### YOUR TASK:
Find the string "passes" in the records and copy each line where it occurs.

### SOURCE DATA:

-- Opening Marker --

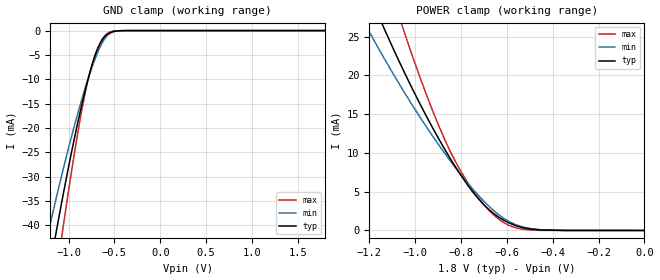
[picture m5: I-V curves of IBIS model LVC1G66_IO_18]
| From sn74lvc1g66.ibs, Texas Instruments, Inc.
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[Model]   LVC1G66_IO_18
Model_type  Terminator
| variable   typ   min   max
C_comp   10.09pF   4.65pF   28.59pF
| C_tri-state   10.09pF   4.65pF   28.59pF
[Temperature Range]   40   100   -40
| Ambient temperature   25   85   -40
[Voltage range]   1.8   1.65   1.95
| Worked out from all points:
|   GND clamp passes 1 mA (typ) near -0.59 V on its own axis
|   POWER clamp passes 1 mA (typ) near -0.59 V on its own axis
[GND Clamp]
| LVC1G66_IO_18
|   Voltage   I(typ)   I(min)   I(max)
-5.5V     -642.4mA   -532.1mA   -759.1mA
-1.225V   -50.88mA   -41.78mA   -62.75mA
-1.14V    -41.88mA   -34.83mA   -51.05mA
-1.08V    -35.76mA   -30.11mA   -43.06mA
-1.06V    -33.78mA   -28.57mA   -40.46mA
-910mV    -19.79mA   -17.72mA   -22.15mA
-795mV    -10.5mA    -10.36mA   -10.76mA
-685mV    -3.791mA   -4.563mA   -3.813mA
-585mV    -880.8uA   -1.18mA    -689.4uA
-505mV    -171uA     -215.7uA   -82.57uA
-375mV    -5.824uA   -8.939uA   -871.3nA
1.8V      88.84pA    48.31nA    18.88pA
[POWER Clamp]
| LVC1G66_IO_18
|   Voltage   I(typ)   I(min)   I(max)
-5.5V     592.3mA    476.9mA    790mA
-1.22V    31.87mA    26.7mA     42.11mA
-1.19V    29.77mA    25.08mA    39.05mA
-1.13V    25.69mA    21.93mA    33.16mA
-1.07V    21.82mA    18.92mA    27.58mA
-1.04V    19.95mA    17.47mA    24.91mA
-925mV    13.3mA     12.23mA    15.54mA
-825mV    8.235mA    8.129mA    8.922mA
-730mV    4.285mA    4.717mA    4.433mA
-640mV    1.81mA     2.137mA    1.566mA
-495mV    175uA      236.3uA    55.28uA
-95.1fV   88.84pA    700.1pA    22.15pA

-- Closing Marker --

### RESPONSE:
|   GND clamp passes 1 mA (typ) near -0.59 V on its own axis
|   POWER clamp passes 1 mA (typ) near -0.59 V on its own axis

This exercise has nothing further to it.